Giurisprudenza – CORTE DI CASSAZIONE – Sentenza 15 dicembre 2020, n. 28626
Rapporto di lavoro, Qualifica di collaboratore amministrativo
– Risarcimento del danno alla dignità personale e professionale nonché da
dequalificazione professionale
Fatti di causa
1. con sentenza in data 13 ottobre 2014 nr. 1210 la
Corte d’appello di Catanzaro confermava la sentenza del Tribunale della stessa
sede, che aveva respinto la domanda proposta da P.D.M. – dipendente del
MINISTERO DELLA GIUSTIZIA con qualifica di collaboratore amministrativo C1 –
nei confronti del MINISTERO e del superiore gerarchico, S.P., per il
risarcimento del danno alla dignità personale e professionale nonché da
dequalificazione professionale.
2. Ha proposto ricorso per la cassazione della
sentenza P.D.M., articolato in un unico motivo.

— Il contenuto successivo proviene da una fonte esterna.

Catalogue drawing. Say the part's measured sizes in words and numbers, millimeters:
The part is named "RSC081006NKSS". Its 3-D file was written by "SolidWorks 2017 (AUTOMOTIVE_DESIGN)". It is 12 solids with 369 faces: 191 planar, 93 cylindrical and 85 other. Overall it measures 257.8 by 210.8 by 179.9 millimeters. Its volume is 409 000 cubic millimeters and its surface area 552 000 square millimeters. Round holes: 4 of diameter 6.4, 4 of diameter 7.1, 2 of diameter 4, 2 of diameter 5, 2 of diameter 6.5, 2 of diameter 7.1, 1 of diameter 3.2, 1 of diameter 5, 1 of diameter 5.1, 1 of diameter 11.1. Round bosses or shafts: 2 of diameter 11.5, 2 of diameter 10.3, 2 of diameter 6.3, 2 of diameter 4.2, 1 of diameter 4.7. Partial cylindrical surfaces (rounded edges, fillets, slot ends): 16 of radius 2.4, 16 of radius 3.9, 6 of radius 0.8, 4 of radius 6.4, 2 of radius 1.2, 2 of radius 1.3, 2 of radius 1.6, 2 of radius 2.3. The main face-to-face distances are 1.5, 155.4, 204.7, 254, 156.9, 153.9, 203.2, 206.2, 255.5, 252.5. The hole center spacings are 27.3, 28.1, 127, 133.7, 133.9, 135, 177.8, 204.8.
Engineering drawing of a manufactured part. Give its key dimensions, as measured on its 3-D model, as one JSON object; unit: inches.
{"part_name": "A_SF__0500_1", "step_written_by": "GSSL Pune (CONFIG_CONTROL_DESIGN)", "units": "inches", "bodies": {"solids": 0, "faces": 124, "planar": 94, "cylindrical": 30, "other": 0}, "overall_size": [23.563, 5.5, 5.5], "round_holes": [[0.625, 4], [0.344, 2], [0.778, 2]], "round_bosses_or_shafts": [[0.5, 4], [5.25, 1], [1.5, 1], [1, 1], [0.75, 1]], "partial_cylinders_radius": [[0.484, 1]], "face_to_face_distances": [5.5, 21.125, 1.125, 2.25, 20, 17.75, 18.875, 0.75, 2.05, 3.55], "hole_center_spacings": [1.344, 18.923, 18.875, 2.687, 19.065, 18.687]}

3. La causa, già fissata per la trattazione con rito
camerale, è stata rinviata a nuovo ruolo per la rinotifica del ricorso alla
avvocatura generale dello Stato.
4. Il MINISTERO DELLA GIUSTIZIA ha opposto difese
con controricorso.
5. Il ricorrente ha depositato memoria.
Ragioni della decisione
1. Con l’unico motivo il ricorrente ha denunciato –
ai sensi dell’articolo 360 nr. 4 cod.proc.civ.
– violazione degli articoli 83, 301, 302, 112 cod.proc.civ nonché dell’articolo 24
Costituzione.
2. Ha esposto che il proprio difensore – AVV. F.S.R.
– era stato sospeso dall’esercizio della professione forense dal 14.3.2014 al
14.3.2015; ha dedotto la nullità della sentenza, resa nel periodo in cui il
giudizio di appello era interrotto ex lege.
3. Il ricorso è fondato.
4. Secondo il consolidato insegnamento di questa
Corte, la morte, la radiazione o la sospensione dall’albo dell’unico difensore
a mezzo del quale la parte è costituita nel giudizio di merito determina
automaticamente l’interruzione del processo anche se il giudice e le altre
parti non ne hanno avuto conoscenza, e senza, quindi, che occorra, perchè si
perfezioni la fattispecie interruttiva, la dichiarazione o la notificazione
dell’evento. Ne deriva la preclusione di ogni ulteriore attività processuale,
che, se compiuta, è causa di nullità degli atti successivi e della sentenza. La
irrituale prosecuzione del processo, nonostante il verificarsi dell’evento
interruttivo, può essere dedotta e provata nel giudizio di legittimità; ciò,
tuttavia, ad opera della sola parte colpita dal predetto evento, a tutela della
quale sono poste le norme che disciplinano l’interruzione, (cfr. ex plurimis,
Cassazione civile sez. IlI, 13/02/2019, n.4159; Cass. 28846/2018; Cass.
21002/2017).
5. Il principio qui ribadito subisce eccezione nel
caso in cui dalla prosecuzione del processo, in ragione del mancato rilievo
dell’evento interruttivo, non derivi un concreto pregiudizio al diritto di
difesa; ne consegue che non si determina alcuna nullità degli atti processuali
nell’ipotesi in cui il periodo di sospensione del difensore dalla professione
forense cada integralmente nel lasso di tempo intercorrente tra la celebrazione
di due udienze successive (Cassazione civile sez. lav., 16/10/2019, n.26220 e
giurisprudenza ivi richiamata).
6. Nella fattispecie di causa la applicazione dei
suddetti principi conduce al rilievo della nullità della sentenza impugnata.
7. L’unico difensore del ricorrente nel giudizio di
appello, avv. F.S.R., era sospeso dall’albo alla data del 25.9.2014, in cui si
è celebrata l’udienza di discussione della causa ed è stato letto il
dispositivo (come risulta dalla comunicazione del Consiglio dell’Ordine degli
Avvocati del 18.11.2014 e dalla nota della Corte di Appello di Catanzaro del
6.11.2014); non vi è dubbio, dunque, circa il pregiudizio derivato dalla
mancata interruzione del processo al diritto di difesa del P., che in detta
udienza non era assistito da un difensore abilitato allo ius postulandi.
8. Il ricorso deve essere, pertanto, accolto e gli
atti rinviati alla Corte d’appello di Catanzaro in diversa composizione affinchè
provveda alla rinnovazione degli atti nulli.
9. Il giudice del rinvio provvederà, altresì, sulle
spese del presente grado
P.Q.M.
Accoglie il ricorso.
Cassa la sentenza impugnata e rinvia- anche per le
spese- alla Corte di Appello di Catanzaro in diversa composizione.